Data shown →

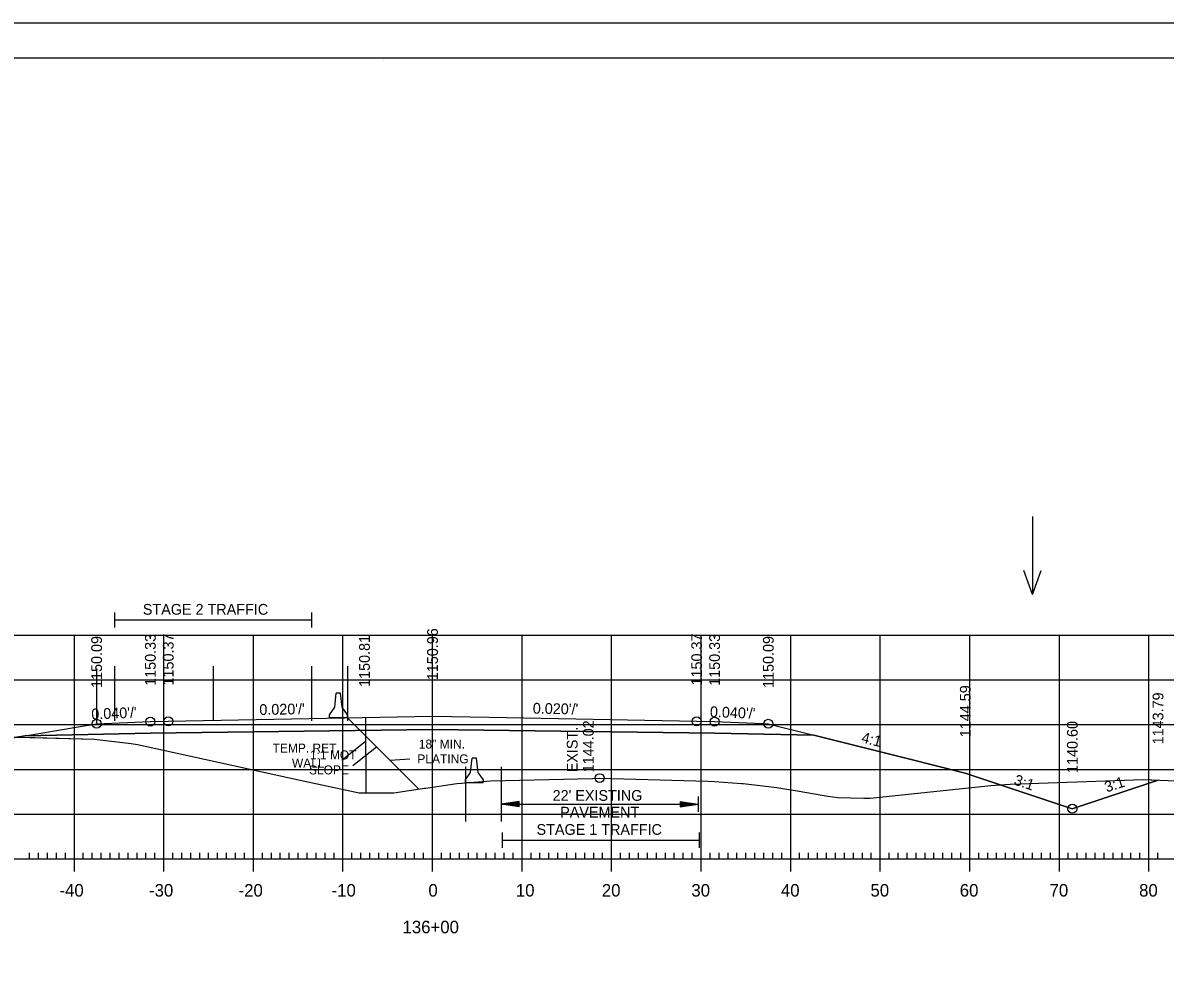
# Model space of a CAD drawing. Extents: x 1322838 to 1324533, y 339903 to 351025.
# Drawn here: x 1323658 to 1323785.5, y 342356.1 to 342463.2 of the extents above; entities that cross this region are included whole.
import ezdxf

# ---------------------------------------------------------------- set-up
doc = ezdxf.new("R2010")
doc.units = 0
for name, color, linetype in [('R_Alt Surface', 7, 'Continuous'), ('R_Axis', 7, 'Continuous'), ('R_Axis Annot', 7, 'Continuous'), ('R_Border', 7, 'Continuous'), ('R_Exist Surface', 7, 'Continuous'), ('R_Fin Surface', 7, 'Continuous'), ('R_Fin Surface Annot', 7, 'Continuous'), ('R_Grid', 7, 'Continuous'), ('R_MOT', 7, 'Continuous'), ('R_No Plot', 7, 'Continuous'), ('R_Water Annot', 7, 'Continuous'), ('R_Xsect Elev', 7, 'Continuous')]:
    doc.layers.add(name, color=color, linetype=linetype)

msp = doc.modelspace()

# ---------------------------------------------------------------- linework, layer by layer
at = {"layer": 'R_Alt Surface'}
msp.add_lwpolyline([(1323658.22, 342383.58), (1323672.21, 342383.86), (1323703.72, 342384.28), (1323735.22, 342383.86), (1323746.31, 342383.63)], dxfattribs=at)
at = {"layer": 'R_Axis'}
for p, q in [((1323663.72, 342368.42), (1323663.72, 342371.22)), ((1323673.72, 342368.42), (1323673.72, 342371.22)), ((1323683.72, 342368.42), (1323683.72, 342371.22)), ((1323693.72, 342368.42), (1323693.72, 342371.22)), ((1323703.72, 342368.42), (1323703.72, 342371.22)), ((1323713.72, 342368.42), (1323713.72, 342371.22)), ((1323723.72, 342368.42), (1323723.72, 342371.22)), ((1323733.72, 342368.42), (1323733.72, 342371.22)), ((1323743.72, 342368.42), (1323743.72, 342371.22)), ((1323753.72, 342368.42), (1323753.72, 342371.22)), ((1323763.72, 342368.42), (1323763.72, 342371.22)), ((1323773.72, 342368.42), (1323773.72, 342371.22)), ((1323783.72, 342368.42), (1323783.72, 342371.22)), ((1323563.72, 342369.82), (1323843.72, 342369.82)), ((1323658.72, 342369.82), (1323658.72, 342370.52)), ((1323659.72, 342369.82), (1323659.72, 342370.52)), ((1323660.72, 342369.82), (1323660.72, 342370.52)), ((1323661.72, 342369.82), (1323661.72, 342370.52)), ((1323662.72, 342369.82), (1323662.72, 342370.52)), ((1323664.72, 342369.82), (1323664.72, 342370.52)), ((1323665.72, 342369.82), (1323665.72, 342370.52)), ((1323666.72, 342369.82), (1323666.72, 342370.52)), ((1323667.72, 342369.82), (1323667.72, 342370.52)), ((1323668.72, 342369.82), (1323668.72, 342370.52)), ((1323669.72, 342369.82), (1323669.72, 342370.52)), ((1323670.72, 342369.82), (1323670.72, 342370.52)), ((1323671.72, 342369.82), (1323671.72, 342370.52)), ((1323672.72, 342369.82), (1323672.72, 342370.52)), ((1323674.72, 342369.82), (1323674.72, 342370.52)), ((1323675.72, 342369.82), (1323675.72, 342370.52)), ((1323676.72, 342369.82), (1323676.72, 342370.52)), ((1323677.72, 342369.82), (1323677.72, 342370.52)), ((1323678.72, 342369.82), (1323678.72, 342370.52)), ((1323679.72, 342369.82), (1323679.72, 342370.52)), ((1323680.72, 342369.82), (1323680.72, 342370.52)), ((1323681.72, 342369.82), (1323681.72, 342370.52)), ((1323682.72, 342369.82), (1323682.72, 342370.52)), ((1323684.72, 342369.82), (1323684.72, 342370.52)), ((1323685.72, 342369.82), (1323685.72, 342370.52)), ((1323686.72, 342369.82), (1323686.72, 342370.52)), ((1323687.72, 342369.82), (1323687.72, 342370.52)), ((1323688.72, 342369.82), (1323688.72, 342370.52)), ((1323689.72, 342369.82), (1323689.72, 342370.52)), ((1323690.72, 342369.82), (1323690.72, 342370.52)), ((1323691.72, 342369.82), (1323691.72, 342370.52)), ((1323692.72, 342369.82), (1323692.72, 342370.52)), ((1323694.72, 342369.82), (1323694.72, 342370.52)), ((1323695.72, 342369.82), (1323695.72, 342370.52)), ((1323696.72, 342369.82), (1323696.72, 342370.52)), ((1323697.72, 342369.82), (1323697.72, 342370.52)), ((1323698.72, 342369.82), (1323698.72, 342370.52)), ((1323699.72, 342369.82), (1323699.72, 342370.52)), ((1323700.72, 342369.82), (1323700.72, 342370.52)), ((1323701.72, 342369.82), (1323701.72, 342370.52)), ((1323702.72, 342369.82), (1323702.72, 342370.52)), ((1323704.72, 342369.82), (1323704.72, 342370.52)), ((1323705.72, 342369.82), (1323705.72, 342370.52)), ((1323706.72, 342369.82), (1323706.72, 342370.52)), ((1323707.72, 342369.82), (1323707.72, 342370.52)), ((1323708.72, 342369.82), (1323708.72, 342370.52)), ((1323709.72, 342369.82), (1323709.72, 342370.52)), ((1323710.72, 342369.82), (1323710.72, 342370.52)), ((1323711.72, 342369.82), (1323711.72, 342370.52)), ((1323712.72, 342369.82), (1323712.72, 342370.52)), ((1323714.72, 342369.82), (1323714.72, 342370.52)), ((1323715.72, 342369.82), (1323715.72, 342370.52)), ((1323716.72, 342369.82), (1323716.72, 342370.52)), ((1323717.72, 342369.82), (1323717.72, 342370.52)), ((1323718.72, 342369.82), (1323718.72, 342370.52)), ((1323719.72, 342369.82), (1323719.72, 342370.52)), ((1323720.72, 342369.82), (1323720.72, 342370.52)), ((1323721.72, 342369.82), (1323721.72, 342370.52)), ((1323722.72, 342369.82), (1323722.72, 342370.52)), ((1323724.72, 342369.82), (1323724.72, 342370.52)), ((1323725.72, 342369.82), (1323725.72, 342370.52)), ((1323726.72, 342369.82), (1323726.72, 342370.52)), ((1323727.72, 342369.82), (1323727.72, 342370.52)), ((1323728.72, 342369.82), (1323728.72, 342370.52)), ((1323729.72, 342369.82), (1323729.72, 342370.52)), ((1323730.72, 342369.82), (1323730.72, 342370.52)), ((1323731.72, 342369.82), (1323731.72, 342370.52)), ((1323732.72, 342369.82), (1323732.72, 342370.52)), ((1323734.72, 342369.82), (1323734.72, 342370.52)), ((1323735.72, 342369.82), (1323735.72, 342370.52)), ((1323736.72, 342369.82), (1323736.72, 342370.52)), ((1323737.72, 342369.82), (1323737.72, 342370.52)), ((1323738.72, 342369.82), (1323738.72, 342370.52)), ((1323739.72, 342369.82), (1323739.72, 342370.52)), ((1323740.72, 342369.82), (1323740.72, 342370.52)), ((1323741.72, 342369.82), (1323741.72, 342370.52)), ((1323742.72, 342369.82), (1323742.72, 342370.52)), ((1323744.72, 342369.82), (1323744.72, 342370.52)), ((1323745.72, 342369.82), (1323745.72, 342370.52)), ((1323746.72, 342369.82), (1323746.72, 342370.52)), ((1323747.72, 342369.82), (1323747.72, 342370.52)), ((1323748.72, 342369.82), (1323748.72, 342370.52)), ((1323749.72, 342369.82), (1323749.72, 342370.52)), ((1323750.72, 342369.82), (1323750.72, 342370.52)), ((1323751.72, 342369.82), (1323751.72, 342370.52)), ((1323752.72, 342369.82), (1323752.72, 342370.52)), ((1323754.72, 342369.82), (1323754.72, 342370.52)), ((1323755.72, 342369.82), (1323755.72, 342370.52)), ((1323756.72, 342369.82), (1323756.72, 342370.52)), ((1323757.72, 342369.82), (1323757.72, 342370.52)), ((1323758.72, 342369.82), (1323758.72, 342370.52)), ((1323759.72, 342369.82), (1323759.72, 342370.52)), ((1323760.72, 342369.82), (1323760.72, 342370.52)), ((1323761.72, 342369.82), (1323761.72, 342370.52)), ((1323762.72, 342369.82), (1323762.72, 342370.52)), ((1323764.72, 342369.82), (1323764.72, 342370.52)), ((1323765.72, 342369.82), (1323765.72, 342370.52)), ((1323766.72, 342369.82), (1323766.72, 342370.52)), ((1323767.72, 342369.82), (1323767.72, 342370.52)), ((1323768.72, 342369.82), (1323768.72, 342370.52)), ((1323769.72, 342369.82), (1323769.72, 342370.52)), ((1323770.72, 342369.82), (1323770.72, 342370.52)), ((1323771.72, 342369.82), (1323771.72, 342370.52)), ((1323772.72, 342369.82), (1323772.72, 342370.52)), ((1323774.72, 342369.82), (1323774.72, 342370.52)), ((1323775.72, 342369.82), (1323775.72, 342370.52)), ((1323776.72, 342369.82), (1323776.72, 342370.52)), ((1323777.72, 342369.82), (1323777.72, 342370.52)), ((1323778.72, 342369.82), (1323778.72, 342370.52)), ((1323779.72, 342369.82), (1323779.72, 342370.52)), ((1323780.72, 342369.82), (1323780.72, 342370.52)), ((1323781.72, 342369.82), (1323781.72, 342370.52)), ((1323782.72, 342369.82), (1323782.72, 342370.52)), ((1323784.72, 342369.82), (1323784.72, 342370.52))]:
    msp.add_line(p, q, dxfattribs=at)
at = {"layer": 'R_Axis Annot'}
for p, q in [((1323668.21, 342397.35), (1323668.21, 342395.65)), ((1323690.21, 342397.35), (1323690.21, 342395.65)), ((1323668.21, 342396.5), (1323690.21, 342396.5)), ((1323711.39, 342376.79), (1323711.39, 342375.08)), ((1323713.39, 342376.23), (1323711.39, 342375.93)), ((1323713.39, 342376.18), (1323711.73, 342375.93)), ((1323713.39, 342375.63), (1323713.39, 342376.23)), ((1323731.39, 342376.23), (1323733.39, 342375.93)), ((1323731.39, 342376.23), (1323731.39, 342375.63)), ((1323731.39, 342376.18), (1323733.06, 342375.93)), ((1323733.39, 342376.79), (1323733.39, 342375.08)), ((1323713.39, 342375.63), (1323711.39, 342375.93)), ((1323711.39, 342375.93), (1323733.39, 342375.93)), ((1323713.39, 342375.68), (1323711.73, 342375.93)), ((1323713.39, 342376.13), (1323712.07, 342375.93)), ((1323713.39, 342375.73), (1323712.07, 342375.93)), ((1323713.39, 342376.08), (1323712.4, 342375.93)), ((1323713.39, 342375.78), (1323712.4, 342375.93)), ((1323713.39, 342376.03), (1323712.74, 342375.93)), ((1323713.39, 342375.84), (1323712.74, 342375.93)), ((1323713.39, 342375.98), (1323713.08, 342375.93)), ((1323713.39, 342375.89), (1323713.08, 342375.93)), ((1323731.39, 342376.13), (1323732.72, 342375.93)), ((1323731.39, 342376.08), (1323732.38, 342375.93)), ((1323731.39, 342376.03), (1323732.04, 342375.93)), ((1323731.39, 342375.98), (1323731.71, 342375.93)), ((1323731.39, 342375.63), (1323733.39, 342375.93)), ((1323731.39, 342375.83), (1323732.04, 342375.93)), ((1323731.39, 342375.73), (1323732.72, 342375.93)), ((1323731.39, 342375.68), (1323733.06, 342375.93)), ((1323731.39, 342375.78), (1323732.38, 342375.93)), ((1323731.39, 342375.89), (1323731.71, 342375.93)), ((1323711.5, 342372.77), (1323711.5, 342371.06)), ((1323733.5, 342372.77), (1323733.5, 342371.06)), ((1323711.5, 342371.92), (1323733.5, 342371.92))]:
    msp.add_line(p, q, dxfattribs=at)
at = {"layer": 'R_Border'}
for p, q in [((1323545.72, 342459.28), (1323861.9, 342459.28)), ((1323698.24, 342459.02), (1323698.24, 342459.02)), ((1323698.24, 342459.02), (1323698.24, 342459.02))]:
    msp.add_line(p, q, dxfattribs=at)
at = {"layer": 'R_Exist Surface'}
msp.add_lwpolyline([(1323585.97, 342385.41), (1323665.97, 342383.18), (1323670.06, 342382.7), (1323670.79, 342382.61), (1323673.69, 342381.96), (1323689.29, 342378.53), (1323695.54, 342377.22), (1323695.55, 342377.21), (1323697.06, 342377.2), (1323699.17, 342377.19), (1323699.4, 342377.22), (1323702.83, 342377.72), (1323702.97, 342377.74), (1323706.44, 342378.23), (1323707.01, 342378.28), (1323710.19, 342378.55), (1323721.58, 342378.82), (1323722.39, 342378.84), (1323734.48, 342378.51), (1323735.22, 342378.48), (1323738.22, 342378.25), (1323738.3, 342378.24), (1323738.4, 342378.23), (1323742.17, 342377.8), (1323742.63, 342377.73), (1323744.68, 342377.38), (1323747.87, 342376.84), (1323748.97, 342376.68), (1323751.88, 342376.61), (1323752.58, 342376.59), (1323766.06, 342378.01), (1323767.13, 342378.11), (1323768.24, 342378.16), (1323783.12, 342378.68), (1323800.55, 342377.98)], dxfattribs=at)
at = {"layer": 'R_Fin Surface'}
msp.add_lwpolyline([(1323635.88, 342384.02), (1323644.21, 342381.24), (1323644.21, 342381.24), (1323653.61, 342382.81), (1323658.22, 342383.58), (1323663.92, 342384.53), (1323666.21, 342384.91), (1323672.21, 342385.15), (1323674.21, 342385.19), (1323703.72, 342385.78), (1323710.03, 342385.65), (1323733.22, 342385.19), (1323735.22, 342385.15), (1323740.65, 342384.93), (1323741.22, 342384.91), (1323746.31, 342383.63), (1323756.73, 342381.03), (1323763.22, 342379.41), (1323775.17, 342375.42), (1323779.86, 342376.99), (1323784.74, 342378.61)], dxfattribs=at)
at = {"layer": 'R_Grid'}
for p, q in [((1323563.72, 342394.82), (1323843.72, 342394.82)), ((1323663.72, 342369.82), (1323663.72, 342394.82)), ((1323673.72, 342369.82), (1323673.72, 342394.82)), ((1323683.72, 342369.82), (1323683.72, 342394.82)), ((1323693.72, 342369.82), (1323693.72, 342394.82)), ((1323703.72, 342369.82), (1323703.72, 342394.82)), ((1323713.72, 342369.82), (1323713.72, 342394.82)), ((1323723.72, 342369.82), (1323723.72, 342394.82)), ((1323733.72, 342369.82), (1323733.72, 342394.82)), ((1323743.72, 342369.82), (1323743.72, 342394.82)), ((1323753.72, 342369.82), (1323753.72, 342394.82)), ((1323763.72, 342369.82), (1323763.72, 342394.82)), ((1323773.72, 342369.82), (1323773.72, 342394.82)), ((1323783.72, 342369.82), (1323783.72, 342394.82)), ((1323563.72, 342389.82), (1323843.72, 342389.82)), ((1323563.72, 342384.82), (1323843.72, 342384.82)), ((1323563.72, 342379.82), (1323843.72, 342379.82)), ((1323563.72, 342374.82), (1323843.72, 342374.82)), ((1323563.72, 342369.82), (1323843.72, 342369.82))]:
    msp.add_line(p, q, dxfattribs=at)
at = {"layer": 'R_MOT'}
for p, q in [((1323692.8, 342386.75), (1323692.96, 342388.34)), ((1323693.21, 342388.34), (1323692.96, 342388.34)), ((1323693.46, 342388.34), (1323693.21, 342388.34)), ((1323693.63, 342386.75), (1323693.46, 342388.34)), ((1323692.22, 342385.92), (1323692.8, 342386.75)), ((1323694.22, 342385.92), (1323693.63, 342386.75)), ((1323692.21, 342385.59), (1323692.22, 342385.92)), ((1323694.21, 342385.59), (1323692.21, 342385.59)), ((1323694.21, 342385.59), (1323694.22, 342385.92)), ((1323696.23, 342382.95), (1323693.61, 342380.83)), ((1323707.98, 342379.48), (1323708.14, 342381.06)), ((1323708.39, 342381.06), (1323708.14, 342381.06)), ((1323708.64, 342381.06), (1323708.39, 342381.06)), ((1323708.81, 342379.48), (1323708.64, 342381.06)), ((1323707.4, 342378.64), (1323707.98, 342379.48)), ((1323709.4, 342378.64), (1323708.81, 342379.48)), ((1323707.39, 342378.31), (1323707.4, 342378.64)), ((1323709.39, 342378.31), (1323707.39, 342378.31)), ((1323709.39, 342378.31), (1323709.4, 342378.64))]:
    msp.add_line(p, q, dxfattribs=at)
msp.add_lwpolyline([(1323696.22, 342385.63), (1323696.28, 342377.21)], dxfattribs=at)
at = {"layer": 'R_No Plot'}
for p, q in [((1323533.31, 342463.18), (1323866.65, 342463.18)), ((1323666.21, 342391.1), (1323666.21, 342384.99)), ((1323668.21, 342391.35), (1323668.21, 342385.25)), ((1323679.21, 342391.35), (1323679.21, 342385.25)), ((1323690.21, 342391.35), (1323690.21, 342385.25)), ((1323694.21, 342391.35), (1323694.21, 342385.25)), ((1323702.18, 342377.62), (1323694.21, 342385.59)), ((1323694.82, 342380.24), (1323697.46, 342382.35)), ((1323698.97, 342380.84), (1323701.2, 342381.01)), ((1323707.39, 342380.1), (1323707.39, 342373.99)), ((1323711.39, 342380.1), (1323711.39, 342373.99))]:
    msp.add_line(p, q, dxfattribs=at)
for points in [[(1323533.31, 342463.18), (1323866.65, 342463.18), (1323866.65, 342249.84), (1323533.31, 342249.84)], [(1323779.64, 342459.28), (1323799.26, 342459.28), (1323799.26, 342449.4), (1323815.37, 342449.4), (1323838.57, 342449.4), (1323838.57, 342416.73), (1323861.77, 342416.73), (1323861.9, 342253.82), (1323545.72, 342253.82), (1323545.72, 342459.28)], [(1323657.29, 342383.42), (1323665.97, 342383.18), (1323670.06, 342382.7), (1323670.79, 342382.61), (1323673.69, 342381.96), (1323689.29, 342378.53), (1323695.54, 342377.22), (1323695.55, 342377.21), (1323697.06, 342377.2), (1323699.17, 342377.19), (1323699.4, 342377.22), (1323702.83, 342377.72), (1323702.97, 342377.74), (1323706.44, 342378.23), (1323707.01, 342378.28), (1323710.19, 342378.55), (1323721.58, 342378.82), (1323722.39, 342378.84), (1323734.48, 342378.51), (1323735.22, 342378.48), (1323738.22, 342378.25), (1323738.3, 342378.24), (1323738.4, 342378.23), (1323742.17, 342377.8), (1323742.63, 342377.73), (1323744.68, 342377.38), (1323747.87, 342376.84), (1323748.97, 342376.68), (1323751.88, 342376.61), (1323752.58, 342376.59), (1323766.06, 342378.01), (1323767.11, 342378.11), (1323763.22, 342379.41), (1323756.73, 342381.03), (1323746.31, 342383.63), (1323735.22, 342383.86), (1323703.72, 342384.28), (1323672.21, 342383.86), (1323658.22, 342383.58)], [(1323767.11, 342378.11), (1323767.13, 342378.11), (1323768.24, 342378.16), (1323783.12, 342378.68), (1323784.74, 342378.61), (1323779.86, 342376.99), (1323775.17, 342375.42)]]:
    msp.add_lwpolyline(points, close=True, dxfattribs=at)
for centre in [(1323666.21, 342384.91), (1323666.21, 342384.91), (1323672.21, 342385.15), (1323672.21, 342385.15), (1323674.21, 342385.19), (1323674.21, 342385.19), (1323733.22, 342385.19), (1323733.22, 342385.19), (1323735.22, 342385.15), (1323735.22, 342385.15), (1323741.22, 342384.91), (1323741.22, 342384.91), (1323722.39, 342378.84), (1323775.17, 342375.42), (1323775.17, 342375.42)]:
    msp.add_circle(centre, 0.5, dxfattribs=at)
at = {"layer": 'R_Water Annot'}
for p, q in [((1323770.73, 342408.04), (1323770.73, 342399.35)), ((1323770.73, 342399.35), (1323769.76, 342402.01)), ((1323770.73, 342399.35), (1323771.7, 342402.01))]:
    msp.add_line(p, q, dxfattribs=at)

# ---------------------------------------------------------------- texts
at = {"layer": 'R_Axis Annot'}
for s, height, p in [('STAGE 2 TRAFFIC', 1.2, (1323671.37, 342397.09)), ("22' EXISTING ", 1.2, (1323717.13, 342376.31)), ('PAVEMENT', 1.2, (1323717.98, 342374.44)), ('STAGE 1 TRAFFIC', 1.2, (1323715.34, 342372.51)), ('-40', 1.4, (1323662.06, 342365.62)), ('-30', 1.4, (1323672.06, 342365.62)), ('-20', 1.4, (1323682.06, 342365.62)), ('-10', 1.4, (1323692.45, 342365.62)), ('0', 1.4, (1323703.26, 342365.62)), ('10', 1.4, (1323713.03, 342365.62)), ('20', 1.4, (1323722.63, 342365.62)), ('30', 1.4, (1323732.63, 342365.62)), ('40', 1.4, (1323742.63, 342365.62)), ('50', 1.4, (1323752.63, 342365.62)), ('60', 1.4, (1323762.6, 342365.62)), ('70', 1.4, (1323772.63, 342365.62)), ('80', 1.4, (1323782.63, 342365.62)), ('136+00', 1.4, (1323700.37, 342361.52))]:
    msp.add_text(s, height=height, dxfattribs=at).set_placement(p)
at = {"layer": 'R_Fin Surface Annot'}
for s, rotation, p in [('1150.96', 90, (1323704.32, 342389.78)), ('1150.09', 90, (1323666.81, 342388.91)), ('1150.33', 90, (1323672.81, 342389.15)), ('1150.37', 90, (1323674.81, 342389.19)), ('1150.37', 90, (1323733.82, 342389.19)), ('1150.33', 90, (1323735.82, 342389.15)), ('1150.09', 90, (1323741.82, 342388.91)), ('1144.59', 90, (1323763.82, 342383.41)), ('1143.79', 90, (1323785.34, 342382.61)), ("0.040'/'", 2.2906, (1323665.64, 342385.39)), ("0.020'/'", 1.1458, (1323684.39, 342385.89)), ("0.020'/'", 358.8542, (1323714.91, 342386.05)), ("0.040'/'", 357.7094, (1323734.68, 342385.67)), ('1140.60', 90, (1323775.77, 342379.42)), ('4:1', 345.9638, (1323751.53, 342382.85)), ('3:1', 341.5665, (1323768.56, 342378.15)), ('3:1', 18.4353, (1323779.01, 342377.23))]:
    msp.add_text(s, height=1.2, rotation=rotation, dxfattribs=at).set_placement(p)
at = {"layer": 'R_MOT'}
for s, p in [('TEMP. RET.', (1323685.86, 342381.7)), ('WALL', (1323688.02, 342380.03))]:
    msp.add_text(s, height=1, dxfattribs=at).set_placement(p)
at = {"layer": 'R_No Plot'}
msp.add_text('1150.81', height=1.2, rotation=90, dxfattribs=at).set_placement((1323696.72, 342389.03))
for s, p in [('18" MIN. ', (1323702.19, 342382.15)), ('1:1 MOT', (1323690.03, 342380.93)), ('PLATING', (1323702.03, 342380.49)), ('SLOPE', (1323689.93, 342379.26))]:
    msp.add_text(s, height=1, dxfattribs=at).set_placement(p)
at = {"layer": 'R_Xsect Elev'}
for s, p in [('1144.02', (1323721.72, 342379.49)), ('EXIST. ', (1323719.92, 342379.49))]:
    msp.add_text(s, height=1.2, rotation=90, dxfattribs=at).set_placement(p)

doc.saveas('drawing.dxf')

What you need to do →
Give the number of lines above containing the word "name", with no other text.

Reply →
2